The only memory I have of of just me and my father is the two of us watching The Wizard of Oz with our chins in our hands, elbows perched on the end of the bed in the laundry room. I was five years old.

Little did I know he'd be driving up a canyon four months later with a gun on the car seat next to him, and that his '67 blue mustang convertible would stay behind like a Rocky Mountain Bluebird, watching its mate fly away in what I suppose must have been an ambulance. It was my mother's birthday.

One thing I did know is that we celebrated my mother's birthday at the next-door neighbors. I don't remember the sound of the doorbell, but I remember the sound of the sliding door closing while we five children under the age of eight ate cake in the kitchen with the neighbor's children.
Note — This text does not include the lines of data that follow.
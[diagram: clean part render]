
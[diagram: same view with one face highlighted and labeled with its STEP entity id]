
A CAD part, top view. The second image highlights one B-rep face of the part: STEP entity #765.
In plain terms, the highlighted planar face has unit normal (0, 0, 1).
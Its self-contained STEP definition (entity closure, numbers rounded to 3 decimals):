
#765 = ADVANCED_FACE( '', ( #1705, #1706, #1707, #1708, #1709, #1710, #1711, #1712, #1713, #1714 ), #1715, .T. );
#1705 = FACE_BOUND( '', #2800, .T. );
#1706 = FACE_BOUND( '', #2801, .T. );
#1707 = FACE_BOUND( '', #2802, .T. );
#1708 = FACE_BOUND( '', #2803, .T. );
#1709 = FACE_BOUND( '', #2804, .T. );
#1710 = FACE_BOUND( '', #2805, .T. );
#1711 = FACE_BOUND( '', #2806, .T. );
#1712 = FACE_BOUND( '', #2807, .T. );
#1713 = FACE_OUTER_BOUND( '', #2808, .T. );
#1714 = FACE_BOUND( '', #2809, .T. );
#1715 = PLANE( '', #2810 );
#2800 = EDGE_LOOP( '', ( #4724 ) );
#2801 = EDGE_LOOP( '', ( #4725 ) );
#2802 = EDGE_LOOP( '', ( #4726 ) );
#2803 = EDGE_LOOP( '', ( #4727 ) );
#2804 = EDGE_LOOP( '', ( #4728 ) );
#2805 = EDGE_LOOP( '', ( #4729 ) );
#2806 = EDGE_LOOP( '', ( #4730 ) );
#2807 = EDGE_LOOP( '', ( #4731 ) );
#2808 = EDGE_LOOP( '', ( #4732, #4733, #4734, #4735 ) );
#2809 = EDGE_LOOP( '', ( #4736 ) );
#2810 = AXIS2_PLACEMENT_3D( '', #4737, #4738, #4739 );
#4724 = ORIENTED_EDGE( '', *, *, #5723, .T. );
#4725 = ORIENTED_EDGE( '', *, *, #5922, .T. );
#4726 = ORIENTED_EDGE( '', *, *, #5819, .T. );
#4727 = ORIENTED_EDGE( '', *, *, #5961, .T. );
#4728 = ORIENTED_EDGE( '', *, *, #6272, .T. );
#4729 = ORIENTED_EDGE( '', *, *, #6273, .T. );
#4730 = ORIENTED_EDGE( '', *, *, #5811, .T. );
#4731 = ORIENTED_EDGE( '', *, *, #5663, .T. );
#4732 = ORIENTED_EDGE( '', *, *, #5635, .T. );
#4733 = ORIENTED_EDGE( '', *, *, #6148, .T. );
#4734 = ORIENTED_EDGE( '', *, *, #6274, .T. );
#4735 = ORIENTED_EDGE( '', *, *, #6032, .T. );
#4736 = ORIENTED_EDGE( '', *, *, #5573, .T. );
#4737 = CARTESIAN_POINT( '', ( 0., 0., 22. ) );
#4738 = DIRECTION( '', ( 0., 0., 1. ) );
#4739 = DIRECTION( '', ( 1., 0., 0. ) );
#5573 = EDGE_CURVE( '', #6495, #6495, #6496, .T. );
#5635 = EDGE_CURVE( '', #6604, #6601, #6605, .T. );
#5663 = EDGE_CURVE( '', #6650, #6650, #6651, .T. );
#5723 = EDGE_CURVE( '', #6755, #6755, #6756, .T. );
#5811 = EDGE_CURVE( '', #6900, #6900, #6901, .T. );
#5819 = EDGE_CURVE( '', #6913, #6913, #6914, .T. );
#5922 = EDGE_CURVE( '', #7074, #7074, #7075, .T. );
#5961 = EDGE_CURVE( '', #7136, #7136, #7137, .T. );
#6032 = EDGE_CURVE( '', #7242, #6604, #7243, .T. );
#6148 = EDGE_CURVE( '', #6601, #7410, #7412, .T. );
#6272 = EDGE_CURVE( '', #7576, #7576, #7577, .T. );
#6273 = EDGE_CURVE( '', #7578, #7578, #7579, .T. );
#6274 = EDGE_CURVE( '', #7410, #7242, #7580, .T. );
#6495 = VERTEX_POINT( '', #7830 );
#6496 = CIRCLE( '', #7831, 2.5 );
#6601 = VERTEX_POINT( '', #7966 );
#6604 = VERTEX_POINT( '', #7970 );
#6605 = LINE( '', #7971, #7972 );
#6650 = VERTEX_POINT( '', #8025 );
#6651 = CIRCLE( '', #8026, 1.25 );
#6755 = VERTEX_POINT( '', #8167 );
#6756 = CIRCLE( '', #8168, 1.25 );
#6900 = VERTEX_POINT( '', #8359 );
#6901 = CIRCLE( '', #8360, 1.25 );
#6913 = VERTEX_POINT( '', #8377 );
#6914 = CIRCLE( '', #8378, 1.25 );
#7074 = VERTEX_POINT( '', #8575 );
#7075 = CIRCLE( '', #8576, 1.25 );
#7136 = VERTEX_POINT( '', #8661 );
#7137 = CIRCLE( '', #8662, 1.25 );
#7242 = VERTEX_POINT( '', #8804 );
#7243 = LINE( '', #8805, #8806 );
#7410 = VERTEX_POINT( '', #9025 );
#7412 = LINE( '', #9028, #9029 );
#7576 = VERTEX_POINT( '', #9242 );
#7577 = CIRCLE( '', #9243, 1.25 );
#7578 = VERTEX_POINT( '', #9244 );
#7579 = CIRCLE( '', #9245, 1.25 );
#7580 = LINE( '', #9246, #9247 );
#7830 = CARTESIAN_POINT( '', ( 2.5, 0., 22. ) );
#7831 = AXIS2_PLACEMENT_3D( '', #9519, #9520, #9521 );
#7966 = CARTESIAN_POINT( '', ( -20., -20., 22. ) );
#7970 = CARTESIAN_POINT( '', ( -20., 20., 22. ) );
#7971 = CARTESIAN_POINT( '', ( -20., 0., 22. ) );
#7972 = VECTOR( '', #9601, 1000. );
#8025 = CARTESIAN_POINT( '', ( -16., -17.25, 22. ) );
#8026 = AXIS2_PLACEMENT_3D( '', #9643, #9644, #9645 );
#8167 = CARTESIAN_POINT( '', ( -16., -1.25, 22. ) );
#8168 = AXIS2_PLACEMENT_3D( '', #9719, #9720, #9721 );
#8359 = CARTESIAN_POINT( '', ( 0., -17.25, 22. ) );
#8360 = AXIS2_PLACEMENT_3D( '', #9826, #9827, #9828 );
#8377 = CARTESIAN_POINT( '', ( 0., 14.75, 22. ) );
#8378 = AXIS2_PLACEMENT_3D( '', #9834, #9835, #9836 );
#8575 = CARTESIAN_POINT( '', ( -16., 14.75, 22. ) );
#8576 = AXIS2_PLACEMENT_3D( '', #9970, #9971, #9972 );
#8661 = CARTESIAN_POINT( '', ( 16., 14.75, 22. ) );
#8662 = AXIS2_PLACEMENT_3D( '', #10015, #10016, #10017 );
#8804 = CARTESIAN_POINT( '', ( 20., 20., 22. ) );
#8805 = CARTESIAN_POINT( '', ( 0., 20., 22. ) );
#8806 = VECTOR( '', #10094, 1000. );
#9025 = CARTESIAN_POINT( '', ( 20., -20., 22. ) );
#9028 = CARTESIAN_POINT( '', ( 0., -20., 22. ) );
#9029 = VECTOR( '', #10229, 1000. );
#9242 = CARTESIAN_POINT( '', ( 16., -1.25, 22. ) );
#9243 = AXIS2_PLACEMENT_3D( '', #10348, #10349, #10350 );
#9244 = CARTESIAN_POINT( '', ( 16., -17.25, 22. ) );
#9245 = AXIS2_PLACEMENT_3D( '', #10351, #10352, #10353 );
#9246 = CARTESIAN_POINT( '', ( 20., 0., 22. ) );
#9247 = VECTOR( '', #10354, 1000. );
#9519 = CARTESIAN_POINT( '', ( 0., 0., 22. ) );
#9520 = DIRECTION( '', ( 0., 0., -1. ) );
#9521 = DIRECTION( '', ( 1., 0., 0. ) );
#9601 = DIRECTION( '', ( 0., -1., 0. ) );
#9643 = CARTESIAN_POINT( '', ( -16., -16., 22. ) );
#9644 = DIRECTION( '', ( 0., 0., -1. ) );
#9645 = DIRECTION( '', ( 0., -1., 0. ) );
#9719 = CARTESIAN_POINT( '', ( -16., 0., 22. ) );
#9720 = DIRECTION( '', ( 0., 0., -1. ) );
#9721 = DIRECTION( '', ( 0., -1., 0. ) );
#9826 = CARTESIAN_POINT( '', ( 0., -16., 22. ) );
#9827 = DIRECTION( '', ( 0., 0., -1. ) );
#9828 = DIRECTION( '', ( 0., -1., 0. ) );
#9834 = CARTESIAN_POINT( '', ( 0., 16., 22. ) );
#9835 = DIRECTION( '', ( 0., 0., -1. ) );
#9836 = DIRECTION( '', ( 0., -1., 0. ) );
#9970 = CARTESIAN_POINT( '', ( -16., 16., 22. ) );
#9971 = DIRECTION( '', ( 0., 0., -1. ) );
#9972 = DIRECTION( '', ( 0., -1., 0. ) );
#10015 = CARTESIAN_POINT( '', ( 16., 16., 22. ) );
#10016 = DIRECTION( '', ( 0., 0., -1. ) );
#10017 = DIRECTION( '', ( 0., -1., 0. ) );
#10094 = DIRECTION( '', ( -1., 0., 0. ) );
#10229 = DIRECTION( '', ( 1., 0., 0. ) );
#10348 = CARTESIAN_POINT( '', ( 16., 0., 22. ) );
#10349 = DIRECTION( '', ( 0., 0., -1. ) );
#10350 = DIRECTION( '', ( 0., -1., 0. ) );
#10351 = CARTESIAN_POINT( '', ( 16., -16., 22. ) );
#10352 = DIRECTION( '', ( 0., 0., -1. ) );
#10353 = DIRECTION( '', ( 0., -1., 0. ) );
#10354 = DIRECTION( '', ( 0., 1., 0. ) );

The door slid open with the breath of timelessness, blowing a uniformed officer into view. A voice said, "come into the living room, children." Silence. 

When he explained that they found our father up East Canyon, the only thing I saw was yellow: Yellow carpet, squishy under my feet. Sunshine coming in through the windows. My twin sister and I giggled.

What did my mother see? I wish I knew. What did she foresee? Her parents moving out from Skokie, Illinois to live closer? Watching the oldest squirrel his way deeper and deeper into the burrow of his bedroom to shut out the responsibility, the memories of finding the handwritten note on the TV set, held down with a bullet for a paper weight?

"You're the man of the house now, young man." But wait, I'm only eight. "You come from five generations of doctors, you know."

The next November, I watched The Wizard of Oz with my family in the upstairs family room held together with wall-to-wall, blood red carpet. That carpet kept our family afloat like a heart beat beneath the rafts of our spread out blankets.

As the years wore on, we ran over that carpet dripping wet from the swimming pool, and our baby sister licked popsicles thinking her father had died of a broken back. We vacuumed out dirt from the back yard gully--the gully where I spent many solitary hours sitting on fallen cottonwood logs, watching dragonflies, or building forts with my younger brother and sleeping in them with a beebee gun, "In case of robbers."

We kids played kick the can after school, built dams in the gully river, and came home to help fix dinner while Mom and we three girls sang our way out of sorrow and learned to make up songs on the spot complete with harmony, (while our brothers shouted, "Stop singing!" from the red-carpeted room where they watched Gilligan's Island and ate spoonfuls of stirred up ketchup and mustard.)

Every year, by the time we'd finished our Halloween candy, the washing machine seemed to slosh out words like a drunken Munchkin, "The Wizard of Oz is coming."

For me, watching it with my family meant sitting shoulder to shoulder with my father, even if it was on the TV where he'd left the suicide note. So what if he threw us children like rag dolls onto the bed in the laundry room, arms and legs flying? Screaming.

Watching the Wizard of Oz meant I was able to believe in an oh-so-real way that Oz and heaven were one and the same thing, and that my father was off to see the wizard in a world of color, walking away from his tornado of Percodan and Darvon addiction. It meant hoping to find a home my eyes couldn't see or comprehend. It meant I'd see my father again, and he'd not only have a heart, but courage.

I've lived nearly half a century and still, The Wizard of Oz is my all-time favorite movie. My oldest brother has found his own Land of Oz while he walks the streets of our town for hours on end, talking to Professor Marvel. When I wrote Secret Speakers and the Search for Selador's Gate, I did it as a rewrite of the story, because for me, somewhere over the rainbow dreams really do come true, even if I still feel paralyzed when it's time to fold the laundry.